Bernard Ebbers left a wreck behind when the telecoms giant collapsed with its stock price in 2002, writes Conor O'Clery, North America Editor, in New York.
Mr Bernie Ebbers was in sparkling form when he appeared at the National Press Club in Washington on January 12th, 2000. The head of MCI WorldCom, who liked to preside over board meetings in blue jeans and cowboy boots, started by hamming up his image as a country boy.
"You don't know what's it like to leave the farm with cow manure on your boots and have to put this miserable suit on to come to the big city," he said to polite laughter from the appreciative audience of journalists.
This, after all, was the man who had created a colossal telecommunications company which, at $160 billion (€122.7 billion), was worth more than the GDP of Sierra Leone, Armenia and Mongolia combined. He had made countless investors rich by increasing the stock value of WorldCom by an average of 54 per cent a year from 1989 through a series of audacious acquisitions.
He owned a 21,000-acre plantation in Louisiana, a quarter of a million acres of farmland in Mississippi, half a million acres in Alabama, Louisiana and Mississippi and a half million-acre ranch in British Columbia, the largest in Canada.
When he boasted to the journalists that "$100 dollars invested in MCI WorldCom in 1989 would be worth $7,240 today", Mr Larry Lipman, the club's president, commented ruefully: "How many people in the room are kicking themselves?"
Just over two years later the investors in WorldCom were the ones who were kicking themselves, unless they had got out. As the internet bubble deflated, WorldCom found it could not meet its sales targets. The company's 80,000 staff, including 200 based in Dublin, received a memo from Mr Ebbers assuring them it was not in danger of bankruptcy. But shortly afterwards it went belly-up in the biggest bankruptcy and corporate accounting scandal in corporate history.
This week Mr Ebbers (63) went on trial in New York accused of orchestrating an $11 billion accounting fraud to keep stock prices artificially high. The company was found to have moved figures from expenses into other accounts to make the revenue numbers look better.
Even as he boasted to the business journalists at the National Press Club, WorldCom stock was on the way down from its peak of $64.50 a share and would never recover.
This week the first witness for the prosecution, former MCI executive Mr Douglas Webster, explained the psychology that he found at WorldCom. It was like the movie Field of Dreams, where a baseball pitch is situated on a remote farm on the principle of "build it and they will come", he said. WorldCom built the networks, "but nobody came".
As the stock price tumbled in 2002, Mr Ebbers told his chief financial officer, Mr Scott Sullivan, "we have to hit the numbers", according to prosecutor Mr David Anders this week. That, Mr Anders told the jury, was an instruction to cook the books.
Mr Ebbers's lawyer Mr Reid Weingarten, argued that there was nothing "dirty" about trying to make the numbers, as that was what public companies did.
Mr Ebbers has always protested that he was ignorant of the subterfuge. "No one will find me to have knowingly committed fraud," he told the congregation at the Easthaven Baptist Church in Brookhaven, Mississippi, where he now teaches Bible.
He was, in effect, claiming to be so dumb that he was incapable of following the company's intricate accounting. His lawyer backed this up by citing conference calls with analysts when the WorldCom chief executive would pass a question to Mr Sullivan saying: "Remember, I'm a PE graduate, not an economist."
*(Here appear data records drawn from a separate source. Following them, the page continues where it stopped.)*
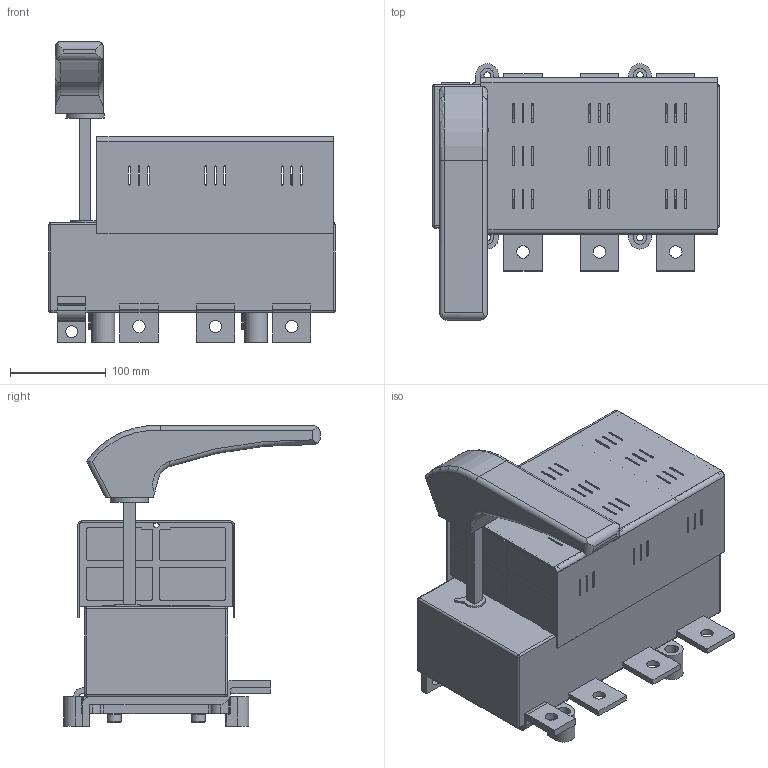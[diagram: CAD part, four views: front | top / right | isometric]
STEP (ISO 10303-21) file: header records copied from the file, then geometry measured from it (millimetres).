
FILE_DESCRIPTION(/* description */ (''),/* implementation_level */ '2;1');
FILE_NAME(/* name */ 'RAB 3 P3 NB-R.stp',/* time_stamp */ '2021-08-19T14:58:45+02:00',/* author */ (''),/* organization */ (''),/* preprocessor_version */ 'ST-DEVELOPER v18.1',/* originating_system */ 'SIEMENS PLM Software NX 1965',/* authorisation */ '');
FILE_SCHEMA (('AUTOMOTIVE_DESIGN { 1 0 10303 214 3 1 1 1 }'));
Length unit declared in the file: millimetre
Products named in the file (1): RAB 3 P3 NB-R_stp
Bounding box: 300 x 269 x 314.5 mm (x, y, z)
Volume: 4973045.2 mm3; surface area: 687702.1 mm2
Topology: 1 solids, 14 shells, 1606 faces, 4351 edges, 2788 vertices
Faces by surface type: plane 924, cylinder 566, torus 50, bspline 50, cone 8, sphere 8
Full cylindrical faces by diameter (mm): 3 x4, 4.8 x4, 5.2 x2, 5.6 x4, 6.5 x26, 7 x4, 10.5 x26, 12.5 x1, 13 x7, 13.5 x4, 14 x4, 15 x4, 40 x1
Entity records: 52437 total; most frequent: CARTESIAN_POINT 11805, DIRECTION 8410, ORIENTED_EDGE 8390, EDGE_CURVE 4195, LINE 2826, VECTOR 2826, AXIS2_PLACEMENT_3D 2792, VERTEX_POINT 2759

Mr Sullivan has already pleaded guilty to conspiracy and securities fraud, and by testifying against his boss will likely get a lighter sentence.
The classic fall back for chief executives in trouble - that they are visionaries who simply push subordinates to get better performances - is also being used in another high-profile corporate scandal which came to court this week in Alabama. It involves Mr Richard Scrushy, former chief of HealthSouth, a giant healthcare company. His chief financial officer, Mr Aaron Beam, testified that when he told Mr Scrushy they would not meet Wall Street expectations, the chief executive replied: "You guys need to fix the numbers", following which the "guys" worked out a formula to overstate HealthSouth earnings by $2.7 billion.
While they portray their chief executive clients as naive innocents, the defence lawyers try to shred the reputation of the villainous subordinates. Mr Scrushy's lawyers have mauled Mr Beam in court and Mr Ebbers's lawyers are planning to reveal Mr Sullivan's "marital infidelities".
Whatever happens, Mr Ebbers is a broken man. He emerged from the debacle with more than $300 million in debts. The former WorldCom chief has had to sell off his land holdings apart from a measly quarter of a million acres in Mississippi. He has given up his jeans for a suit again for his trial, where he faces a maximum 85-year sentence.
His legacy is also a struggling, debt-ridden telecommunications industry and the Sarbanes-Oxley Act of 2002, the sweeping reform legislation passed by a shocked Congress after WorldCom collapsed. His legacy too is the misery of investors and thousands of employees who lost their jobs, savings and pensions.